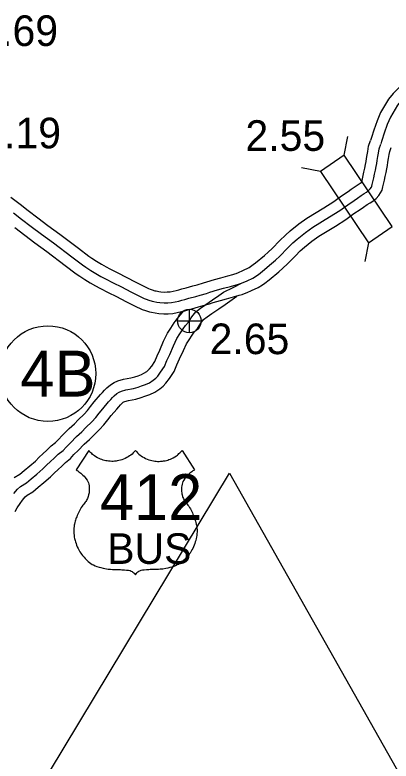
# Model space of a CAD drawing. Extents: x 31699 to 244310, y -8841 to 11474.
# Drawn here: x 136661 to 137007, y -2239 to -1552 of the extents above; entities that cross this region are included whole.
import ezdxf

# ---------------------------------------------------------------- set-up
doc = ezdxf.new("R2010")
doc.units = 0
for name, color, linetype in [('B_Logo', 7, 'Continuous'), ('Level 21', 7, 'Continuous'), ('Level 48', 7, 'Continuous'), ('R_Border Notes', 7, 'Continuous'), ('R_XS_EARTHWORK_STAGE1', 7, 'Continuous'), ('S_AREA_CALC', 7, 'Continuous'), ('S_WALL', 7, 'Continuous')]:
    doc.layers.add(name, color=color, linetype=linetype)

msp = doc.modelspace()

# ---------------------------------------------------------------- linework, layer by layer
for points in [[(136771.98, -1953.16), (136771.13, -1954.12), (136769.94, -1955.33), (136768.89, -1956.28), (136767.73, -1957.22), (136766.57, -1958.07), (136765.41, -1958.83), (136764.03, -1959.64), (136762.65, -1960.34), (136761.12, -1961.01), (136759.5, -1961.61), (136758.17, -1962.02), (136756.74, -1962.38), (136755.36, -1962.66), (136754.14, -1962.84), (136752.78, -1962.98), (136751.67, -1963.05), (136750.27, -1963.07), (136748.85, -1963.02), (136747.2, -1962.87), (136746.05, -1962.7), (136744.68, -1962.44), (136743.5, -1962.16), (136742.3, -1961.82), (136741.08, -1961.42), (136739.74, -1960.9), (136738.56, -1960.37), (136737.27, -1959.72), (136735.73, -1958.83), (136734.32, -1957.89), (136733.4, -1957.21), (136732.67, -1956.62), (136731.91, -1955.97), (136731.09, -1955.21), (136730.13, -1954.25), (136729.08, -1953.07), (136717.55, -1970.91), (136718.29, -1971.35), (136719.07, -1971.85), (136720.08, -1972.56), (136720.89, -1973.16), (136721.91, -1974), (136722.8, -1974.79), (136723.66, -1975.61), (136724.74, -1976.75), (136725.63, -1977.79), (136726.49, -1978.88), (136727.47, -1980.28), (136728.22, -1981.48), (136728.71, -1982.89), (136729.04, -1984.09), (136729.33, -1985.51), (136729.52, -1986.93), (136729.6, -1988.21), (136729.6, -1989.67), (136729.52, -1990.9), (136729.4, -1991.89), (136729.24, -1992.85), (136728.99, -1993.95), (136728.6, -1995.3), (136728.27, -1996.23), (136727.83, -1997.29), (136727.41, -1998.17), (136726.92, -1999.08), (136726.34, -1999.91), (136725.72, -2000.65), (136725.03, -2001.52), (136724.41, -2002.32), (136723.74, -2003.24), (136722.94, -2004.4), (136722.23, -2005.5), (136721.39, -2006.88), (136720.76, -2007.99), (136720.17, -2009.1), (136719.57, -2010.32), (136719.02, -2011.51), (136718.48, -2012.76), (136717.99, -2014.01), (136717.61, -2015.04), (136717.26, -2016.05), (136716.93, -2017.08), (136716.63, -2018.02), (136716.31, -2019.18), (136715.95, -2020.7), (136715.74, -2021.86), (136715.55, -2023.14), (136715.41, -2024.48), (136715.32, -2025.98), (136715.3, -2027.33), (136715.32, -2028.19), (136715.38, -2029.32), (136715.54, -2030.98), (136715.8, -2032.72), (136716.1, -2034.18), (136716.53, -2035.84), (136716.9, -2037.12), (136717.4, -2038.74), (136717.96, -2040.27), (136718.56, -2041.74), (136719.22, -2043.14), (136719.95, -2044.56)], [(136771.98, -1953.16), (136772.84, -1954.12), (136774.03, -1955.33), (136775.08, -1956.28), (136776.23, -1957.22), (136777.39, -1958.07), (136778.55, -1958.83), (136779.94, -1959.64), (136781.31, -1960.34), (136782.84, -1961.01), (136784.46, -1961.61), (136785.79, -1962.02), (136787.22, -1962.38), (136788.6, -1962.66), (136789.82, -1962.84), (136791.18, -1962.98), (136792.3, -1963.05), (136793.69, -1963.07), (136795.11, -1963.02), (136796.76, -1962.87), (136797.92, -1962.7), (136799.28, -1962.44), (136800.46, -1962.16), (136801.67, -1961.82), (136802.88, -1961.42), (136804.22, -1960.9), (136805.41, -1960.37), (136806.69, -1959.72), (136808.23, -1958.83), (136809.64, -1957.89), (136810.56, -1957.21), (136811.29, -1956.62), (136812.05, -1955.97), (136812.88, -1955.21), (136813.83, -1954.25), (136814.88, -1953.07), (136826.42, -1970.91), (136825.68, -1971.35), (136824.9, -1971.85), (136823.88, -1972.56), (136823.08, -1973.16), (136822.05, -1974), (136821.16, -1974.79), (136820.3, -1975.61), (136819.23, -1976.75), (136818.33, -1977.79), (136817.48, -1978.88), (136816.49, -1980.28), (136815.74, -1981.48), (136815.25, -1982.89), (136814.92, -1984.09), (136814.63, -1985.51), (136814.44, -1986.93), (136814.36, -1988.21), (136814.36, -1989.67), (136814.44, -1990.9), (136814.56, -1991.89), (136814.73, -1992.85), (136814.97, -1993.95), (136815.36, -1995.3), (136815.69, -1996.23), (136816.13, -1997.29), (136816.55, -1998.17), (136817.04, -1999.08), (136817.62, -1999.91), (136818.25, -2000.65), (136818.94, -2001.52), (136819.55, -2002.32), (136820.22, -2003.24), (136821.02, -2004.4), (136821.74, -2005.5), (136822.57, -2006.88), (136823.2, -2007.99), (136823.79, -2009.1), (136824.39, -2010.32), (136824.95, -2011.51), (136825.48, -2012.76), (136825.97, -2014.01), (136826.35, -2015.04), (136826.7, -2016.05), (136827.04, -2017.08), (136827.33, -2018.02), (136827.66, -2019.18), (136828.01, -2020.7), (136828.23, -2021.86), (136828.41, -2023.14), (136828.55, -2024.48), (136828.64, -2025.98), (136828.66, -2027.33), (136828.65, -2028.19), (136828.59, -2029.32), (136828.43, -2030.98), (136828.16, -2032.72), (136827.86, -2034.18), (136827.44, -2035.84), (136827.06, -2037.12), (136826.56, -2038.74), (136826, -2040.27), (136825.4, -2041.74), (136824.75, -2043.14), (136824.01, -2044.56)], [(136719.95, -2044.56), (136720.92, -2046.24), (136721.69, -2047.44), (136722.47, -2048.56), (136723.45, -2049.83), (136724.71, -2051.34), (136725.75, -2052.47), (136726.63, -2053.34), (136727.66, -2054.3), (136728.62, -2055.13), (136729.77, -2056.06), (136731.01, -2056.97), (136732.24, -2057.81), (136733.46, -2058.38), (136735.03, -2059.05), (136736.62, -2059.67), (136738.57, -2060.33), (136740.23, -2060.83), (136742.27, -2061.34), (136743.97, -2061.7), (136746.9, -2062.17), (136749.18, -2062.4), (136750.78, -2062.5), (136752.47, -2062.54), (136754.33, -2062.53), (136755.88, -2062.55), (136757.12, -2062.59), (136758.32, -2062.64), (136759.63, -2062.72), (136761.87, -2062.9), (136763.88, -2063.11), (136765.5, -2063.31), (136767.11, -2063.54), (136768.19, -2063.96), (136769.12, -2064.47), (136769.71, -2064.88), (136770.58, -2065.65), (136771.2, -2066.36), (136771.69, -2067.07), (136771.98, -2067.56)], [(136824.01, -2044.56), (136823.04, -2046.24), (136822.27, -2047.44), (136821.49, -2048.56), (136820.52, -2049.83), (136819.25, -2051.34), (136818.21, -2052.47), (136817.34, -2053.34), (136816.3, -2054.3), (136815.35, -2055.13), (136814.19, -2056.06), (136812.96, -2056.97), (136811.72, -2057.81), (136810.5, -2058.38), (136808.93, -2059.05), (136807.34, -2059.67), (136805.39, -2060.33), (136803.74, -2060.83), (136801.69, -2061.34), (136799.99, -2061.7), (136797.07, -2062.17), (136794.78, -2062.4), (136793.19, -2062.5), (136791.49, -2062.54), (136789.63, -2062.53), (136788.08, -2062.55), (136786.85, -2062.59), (136785.65, -2062.64), (136784.33, -2062.72), (136782.09, -2062.9), (136780.08, -2063.11), (136778.47, -2063.31), (136776.86, -2063.54), (136775.78, -2063.96), (136774.84, -2064.47), (136774.25, -2064.88), (136773.38, -2065.65), (136772.76, -2066.36), (136772.27, -2067.07), (136771.98, -2067.56)]]:
    msp.add_lwpolyline(points)
at = {"layer": 'B_Logo'}
for points in [[(137110.04, -1581.35), (137103.74, -1585.98), (137101.88, -1587.26), (137098.17, -1589.54), (137095.51, -1590.62), (137088, -1593.52), (137084.28, -1595.01), (137077.24, -1597.57), (137069.93, -1599.61), (137062.02, -1600.51), (137056.3, -1601.6), (137049.53, -1603.9), (137042.23, -1608.33), (137033.21, -1615.25), (137025.32, -1622.15), (137016.51, -1631.13), (137012.94, -1635.35), (137006.47, -1646.33), (137003.64, -1653.02), (137000.68, -1661.04), (136998.65, -1667.85), (136997.66, -1670.8)], [(136869.55, -1798.98), (136874.69, -1796.97), (136879.98, -1794.49), (136885.08, -1791.02), (136888.83, -1788.12), (136897.23, -1781.14), (136900.79, -1777.98), (136904.76, -1774.29), (136911.96, -1766.89), (136916.74, -1762.08), (136920.9, -1758.45), (136928.29, -1752.4), (136935.27, -1747.54), (136950.54, -1738.17), (136959.99, -1732.07), (136967.31, -1726.88), (136973.14, -1723.01), (136976.15, -1720.97), (136979.71, -1718.48), (136982.46, -1716.71), (136984.47, -1715.33), (136986.08, -1714.15), (136986.82, -1713.62), (136987.96, -1712.37), (136988.98, -1710.84), (136989.52, -1709.85), (136989.87, -1708.25), (136991.27, -1702.19), (136991.97, -1698.93), (136992.67, -1695.2), (136993.38, -1691.74), (136993.94, -1689.01), (136994.37, -1686.08), (136995.07, -1682.68), (136995.57, -1679.35), (136996.15, -1675.49), (136997.66, -1671.07)], [(136659.77, -1734.28), (136667.24, -1740.05), (136676.22, -1746.83), (136685.58, -1753.88), (136696.58, -1762.02), (136713.47, -1774.84), (136723.25, -1782.24), (136726.39, -1784.41), (136730.91, -1787.34), (136735.58, -1790.21), (136740.21, -1792.88), (136743.76, -1794.8), (136752.06, -1798.94), (136758.45, -1802.2), (136768.45, -1807.24), (136774.44, -1810.29), (136778.18, -1812.22), (136779.95, -1813.1), (136781.94, -1813.93), (136784.39, -1814.87), (136787.34, -1815.71), (136788.84, -1816.05), (136791.82, -1816.64), (136794.44, -1816.98), (136798.47, -1817.24), (136801.78, -1817.2), (136805.09, -1816.92), (136808.52, -1816.37), (136811.86, -1815.61), (136814.78, -1814.77), (136817.44, -1814.01), (136821.21, -1812.96), (136827.49, -1811.27), (136831.55, -1810.1), (136837.36, -1808.47), (136840.58, -1807.44), (136847.51, -1805.35), (136853.16, -1803.83), (136853.16, -1803.83), (136859.57, -1802.1), (136864.61, -1800.68), (136866.87, -1799.94), (136869.55, -1798.98)], [(136660.12, -1992.74), (136663.42, -1988.64), (136666.45, -1986.07), (136671.67, -1982.93), (136676.04, -1979.24), (136681.21, -1974.96), (136686.99, -1970.02), (136690.56, -1966.33), (136693.72, -1963.49), (136697.55, -1959.87), (136701.05, -1956.44), (136705.41, -1953.08), (136708.24, -1949.98), (136712.21, -1945.95), (136717.86, -1940.14), (136722.77, -1935.73), (136726.54, -1931.9), (136731.85, -1926.55), (136735.56, -1922.79), (136738.66, -1918.82), (136741.9, -1914.65), (136747.36, -1908.31), (136749.31, -1906.26), (136750.93, -1904.35), (136752.55, -1902.63), (136754.9, -1900.59), (136756.91, -1899.34), (136759.11, -1898.43), (136763.32, -1897.28), (136770.12, -1895.95), (136774.4, -1894.74), (136777.6, -1893.7), (136781.41, -1892.41), (136784.82, -1890.72), (136788.38, -1888.35), (136790.66, -1886.44), (136792.48, -1884.6), (136795.18, -1881.09), (136798.63, -1875.72), (136801.02, -1870.14), (136803.54, -1864.7), (136807.02, -1856.73), (136810.22, -1850.1), (136812.93, -1845.85), (136815.98, -1841.15), (136818.21, -1838.11), (136820.9, -1834.93), (136824.02, -1829.96), (136827.59, -1825.53), (136831.76, -1822.11), (136836.65, -1818.63), (136843.02, -1814.36), (136848.86, -1810.43), (136853.15, -1807.34), (136861.78, -1803.1), (136869.55, -1798.98)]]:
    msp.add_lwpolyline(points, dxfattribs=at)
at = {"layer": 'Level 21'}
for p, q in [((136821.62, -1844.68), (136821.62, -1823.02)), ((136810.79, -1833.85), (136832.46, -1833.85))]:
    msp.add_line(p, q, dxfattribs=at)
msp.add_circle((136821.62, -1833.85), 10.83, dxfattribs=at)
at = {"layer": 'Level 48'}
msp.add_lwpolyline([(136471.3, -2616.26), (136858.53, -1973.95), (137221.3, -2616.26)], close=True, dxfattribs=at)
at = {"layer": 'R_Border Notes'}
msp.add_circle((136691.55, -1882.31), 44, dxfattribs=at)
at = {"layer": 'R_XS_EARTHWORK_STAGE1'}
for p, q in [((136963.97, -1681.43), (136967.33, -1664.15)), ((136942.09, -1696.19), (136924.81, -1692.83)), ((136986.37, -1761.85), (136983.01, -1779.13))]:
    msp.add_line(p, q, dxfattribs=at)
msp.add_lwpolyline([(136942.09, -1696.19), (136986.37, -1761.85), (137008.25, -1747.09), (136963.97, -1681.43)], close=True, dxfattribs=at)
at = {"layer": 'S_AREA_CALC'}
for points in [[(137092.99, -1581.13), (137091.82, -1581.6), (137084.35, -1584.49), (137080.72, -1585.94), (137074.19, -1588.32), (137068.02, -1590.04), (137060.51, -1590.89), (137053.75, -1592.18), (137045.27, -1595.06), (137036.57, -1600.34), (137026.87, -1607.78), (137018.45, -1615.16), (137009.12, -1624.67), (137004.76, -1629.82), (136997.52, -1642.1), (136994.33, -1649.61), (136991.18, -1658.15), (136989.11, -1665.11), (136988.18, -1667.9)], [(136880.44, -1781.96), (136882.59, -1780.31), (136890.71, -1773.56), (136894.06, -1770.58), (136897.77, -1767.13), (136904.83, -1759.88), (136909.9, -1754.77), (136914.45, -1750.81), (136922.25, -1744.42), (136929.79, -1739.17), (136945.22, -1729.7), (136954.39, -1723.79), (136961.64, -1718.63), (136967.58, -1714.7), (136970.49, -1712.74), (136974.13, -1710.18), (136976.92, -1708.38), (136978.68, -1707.17), (136980.1, -1706.13), (136980.11, -1706.06), (136981.51, -1700.02), (136982.17, -1696.95), (136982.86, -1693.28), (136983.58, -1689.74), (136984.09, -1687.27), (136984.52, -1684.34), (136985.22, -1680.92), (136985.68, -1677.87), (136986.39, -1673.11), (136988.2, -1667.83)], [(136888.78, -1800.59), (136890.95, -1799.11), (136895.08, -1795.93), (136903.75, -1788.73), (136907.52, -1785.38), (136911.75, -1781.44), (136919.09, -1773.9), (136923.58, -1769.38), (136927.36, -1766.09), (136934.33, -1760.38), (136940.74, -1755.91), (136955.87, -1746.63), (136965.6, -1740.35), (136972.97, -1735.13), (136978.7, -1731.32), (136981.82, -1729.21), (136985.29, -1726.78), (136987.99, -1725.04), (136990.26, -1723.49), (136991.94, -1722.25), (136993.49, -1721.15), (136995.86, -1718.54), (136997.54, -1716.02), (136998.98, -1713.38), (136999.63, -1710.44), (137001.03, -1704.37), (137001.77, -1700.91), (137002.49, -1697.13), (137003.17, -1693.74), (137003.79, -1690.75), (137004.22, -1687.82), (137004.92, -1684.44), (137005.46, -1680.83), (137005.9, -1677.86), (137007.12, -1674.31)], [(136657.42, -1719.96), (136662.25, -1723.61), (136665.85, -1726.34), (136673.31, -1732.1), (136682.24, -1738.85), (136691.57, -1745.87), (136702.58, -1754.02), (136719.52, -1766.87), (136729.11, -1774.14), (136731.95, -1776.1), (136736.24, -1778.88), (136740.7, -1781.61), (136745.09, -1784.15), (136748.37, -1785.93), (136756.57, -1790.01), (136762.98, -1793.29), (136772.97, -1798.32), (136779.01, -1801.39), (136782.7, -1803.3), (136784.1, -1804), (136785.64, -1804.64), (136787.55, -1805.37), (136789.84, -1806.02), (136790.93, -1806.27), (136793.43, -1806.77), (136795.4, -1807.02), (136798.73, -1807.23), (136801.3, -1807.2), (136803.88, -1806.99), (136806.61, -1806.55), (136809.37, -1805.92), (136812.03, -1805.16), (136814.72, -1804.39), (136818.57, -1803.31), (136824.81, -1801.63), (136828.82, -1800.48), (136834.49, -1798.89), (136837.61, -1797.89), (136844.76, -1795.73), (136850.56, -1794.17), (136856.91, -1792.46), (136861.7, -1791.11), (136863.54, -1790.5), (136864.76, -1790.04), (136866.86, -1789.15), (136870.65, -1787.51), (136876.58, -1784.77), (136880.44, -1781.96)], [(136661.17, -1748), (136670.2, -1754.82), (136679.6, -1761.9), (136690.59, -1770.02), (136707.43, -1782.81), (136717.39, -1790.35), (136720.83, -1792.72), (136725.57, -1795.8), (136730.46, -1798.8), (136735.33, -1801.61), (136739.15, -1803.68), (136747.56, -1807.87), (136753.93, -1811.12), (136763.93, -1816.16), (136769.88, -1819.19), (136773.66, -1821.15), (136775.8, -1822.2), (136778.23, -1823.22), (136781.24, -1824.36), (136784.84, -1825.39), (136786.75, -1825.83), (136790.22, -1826.52), (136793.48, -1826.94), (136798.21, -1827.24), (136802.25, -1827.19), (136806.3, -1826.86), (136810.43, -1826.19), (136814.35, -1825.3), (136817.54, -1824.39), (136820.17, -1823.63), (136823.86, -1822.6), (136830.17, -1820.9), (136834.29, -1819.72), (136840.24, -1818.05), (136843.55, -1816.99), (136850.25, -1814.96), (136855.76, -1813.49), (136862.23, -1811.74), (136867.52, -1810.24), (136870.19, -1809.37), (136872.22, -1808.6), (136874.74, -1807.53), (136878.81, -1805.77), (136884.98, -1802.92), (136888.78, -1800.59)], [(136661.41, -2009.17), (136663.21, -2005.93), (136665.93, -2001.79), (136668.07, -1998.81), (136670.62, -1995.65), (136672.3, -1994.22), (136677.51, -1991.09), (136682.45, -1986.91), (136687.65, -1982.62), (136693.85, -1977.31), (136697.5, -1973.53), (136700.49, -1970.85), (136704.49, -1967.07), (136707.62, -1964), (136712.21, -1960.47), (136715.5, -1956.86), (136719.35, -1952.95), (136724.8, -1947.35), (136729.68, -1942.96), (136733.65, -1938.93), (136738.96, -1933.59), (136743.08, -1929.4), (136746.55, -1924.97), (136749.64, -1920.99), (136754.77, -1915.03), (136756.76, -1912.95), (136758.4, -1911), (136759.48, -1909.85), (136760.85, -1908.67), (136761.48, -1908.28), (136762.35, -1907.91), (136765.6, -1907.02), (136772.46, -1905.69), (136777.3, -1904.31), (136780.74, -1903.2), (136785.26, -1901.67), (136789.84, -1899.39), (136794.37, -1896.38), (136797.45, -1893.8), (136800.03, -1891.18), (136803.36, -1886.86), (136807.49, -1880.43), (136810.16, -1874.22), (136812.66, -1868.8), (136816.11, -1860.91), (136818.97, -1854.98), (136821.34, -1851.26), (136824.21, -1846.83), (136826.06, -1844.31), (136828.99, -1840.86), (136832.17, -1835.78), (136834.73, -1832.61), (136837.84, -1830.06), (136842.33, -1826.86), (136848.6, -1822.66), (136854.57, -1818.63), (136865.31, -1810.91)], [(136660.59, -1977.93), (136665.83, -1974.77), (136669.63, -1971.57), (136674.77, -1967.31), (136680.13, -1962.73), (136683.61, -1959.12), (136686.94, -1956.14), (136690.61, -1952.66), (136694.47, -1948.87), (136698.61, -1945.69), (136700.98, -1943.1), (136705.07, -1938.95), (136710.93, -1932.93), (136715.86, -1928.5), (136719.43, -1924.86), (136724.74, -1919.52), (136728.03, -1916.18), (136730.77, -1912.67), (136734.16, -1908.32), (136739.95, -1901.59), (136741.87, -1899.58), (136743.46, -1897.69), (136745.61, -1895.41), (136748.95, -1892.51), (136752.34, -1890.41), (136755.87, -1888.95), (136761.04, -1887.54), (136767.79, -1886.22), (136771.49, -1885.17), (136774.47, -1884.21), (136777.56, -1883.16), (136779.81, -1882.04), (136782.38, -1880.33), (136783.87, -1879.09), (136784.92, -1878.02), (136787, -1875.32), (136789.77, -1871.02), (136791.89, -1866.07), (136794.42, -1860.6), (136797.93, -1852.56), (136801.47, -1845.22), (136804.52, -1840.45), (136807.74, -1835.47), (136810.35, -1831.91), (136816.49, -1824.69)]]:
    msp.add_lwpolyline(points, dxfattribs=at)

# ---------------------------------------------------------------- texts
for s, height, p in [('412', 42.24, (136739.28, -2017.08)), ('BUS', 28.16, (136746.07, -2057.42))]:
    msp.add_text(s, height=height).set_placement(p)
at = {"layer": 'R_Border Notes'}
msp.add_text('4B', height=42.24, dxfattribs=at).set_placement((136666.22, -1903.43))
at = {"layer": 'S_WALL'}
for s, p in [('2.69', (136627.57, -1580.83)), ('2.19', (136630.25, -1675.01)), ('2.55', (136873.2, -1677.34)), ('2.65', (136840.25, -1864.39))]:
    msp.add_text(s, height=28.16, dxfattribs=at).set_placement(p)

doc.saveas('drawing.dxf')

* **Problem to solve**: Reproduce, word for word and in full, only the lines above that start at the line with "doc.layers.add(name, color=color, linetype=linetype)" and run through the line with "layer by layer", both ends included.

* **Answer section**:
    doc.layers.add(name, color=color, linetype=linetype)

msp = doc.modelspace()

# ---------------------------------------------------------------- linework, layer by layer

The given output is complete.